Scope
I am trying to parse this page. For those who are not familiar with portuguese, this page contains all the Subjects from a certain Course (university course), grouped by “Semester”.
So, everytime you see something like this “7º Período Ideal”, you can understand like “Subjects
from the 7th semester”.
Problem I am using a XPath expression to get all the Table Rows from the table that contains those table rows.
XPath Used : //table[@cellspacing=2]//tr
C# Statement : htmlMap.DocumentNode.SelectNodes("//table[@cellspacing=2]//tr");
The HtmlNodeCollection received by this C# statement, contains only the table row nodes until the one with this text EAD0648 Gerência de Produtos / Serviços e Mercados, right after the one with 5º Período Ideal.
This XPath “works”, but i get all the tr's(as it is expected), and this is not what i want.
//tr
Why is the XPath not retrieving all the nodes after this node aswell ?

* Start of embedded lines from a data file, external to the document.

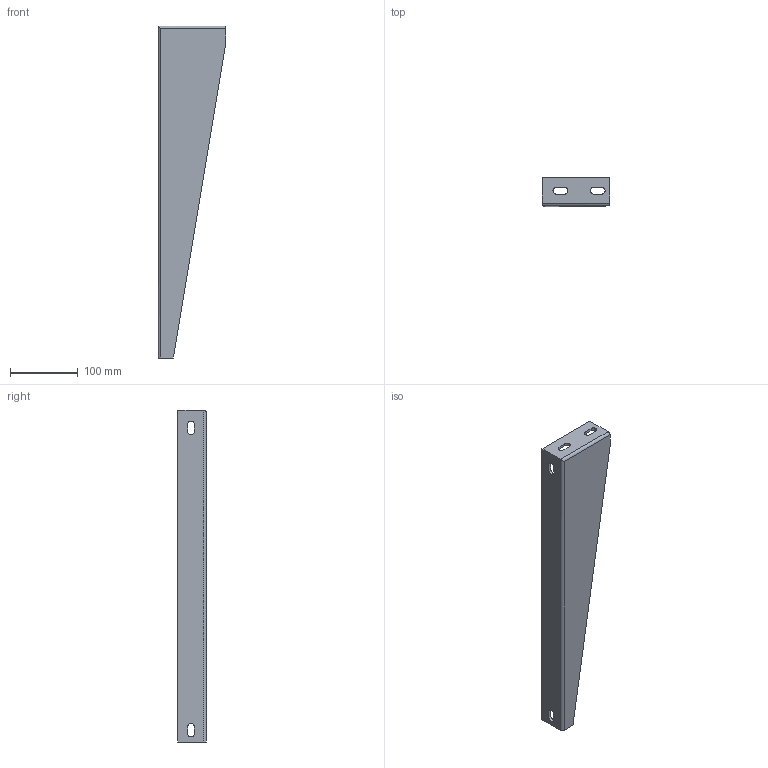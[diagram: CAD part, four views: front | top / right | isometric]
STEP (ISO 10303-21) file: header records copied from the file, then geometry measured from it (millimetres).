
FILE_DESCRIPTION((''),'2;1');
FILE_NAME('SUM490SN','2002-12-27T',('Lipro doo'),('Lipro d.o.o.'),'PRO/ENGINEER BY PARAMETRIC TECHNOLOGY CORPORATION, 2001150','PRO/ENGINEER BY PARAMETRIC TECHNOLOGY CORPORATION, 2001150','');
FILE_SCHEMA(('CONFIG_CONTROL_DESIGN'));
Length unit declared in the file: millimetre
Products named in the file (1): SUM490SN
Bounding box: 100 x 42 x 490 mm (x, y, z)
Volume: 208304.5 mm3; surface area: 108986.4 mm2
Topology: 1 solids, 1 shells, 30 faces, 82 edges, 54 vertices
Faces by surface type: plane 18, cylinder 12
Entity records: 1017 total; most frequent: CARTESIAN_POINT 183, ORIENTED_EDGE 164, DIRECTION 160, EDGE_CURVE 82, VECTOR 60, LINE 60, VERTEX_POINT 54, AXIS2_PLACEMENT_3D 50

Is there any cap of ammount of nodes retrieved ?
Am i missing something ?
Thanks in advance
I have encountered this in the past, if the tables are not well formed then issues like this occur. I took a very quick look at the HTML for the page and I see what looks like a possible problem, on line 2785 there is a
</tr>then without a opening<tr>line 2796 has another</tr>.I admit that I did not do an in depth validation to check, but just by looking at it I could not match the opening
<tr>. I immediately checked this because as I mentioned I have faced this exact issue with pages with malformed tables.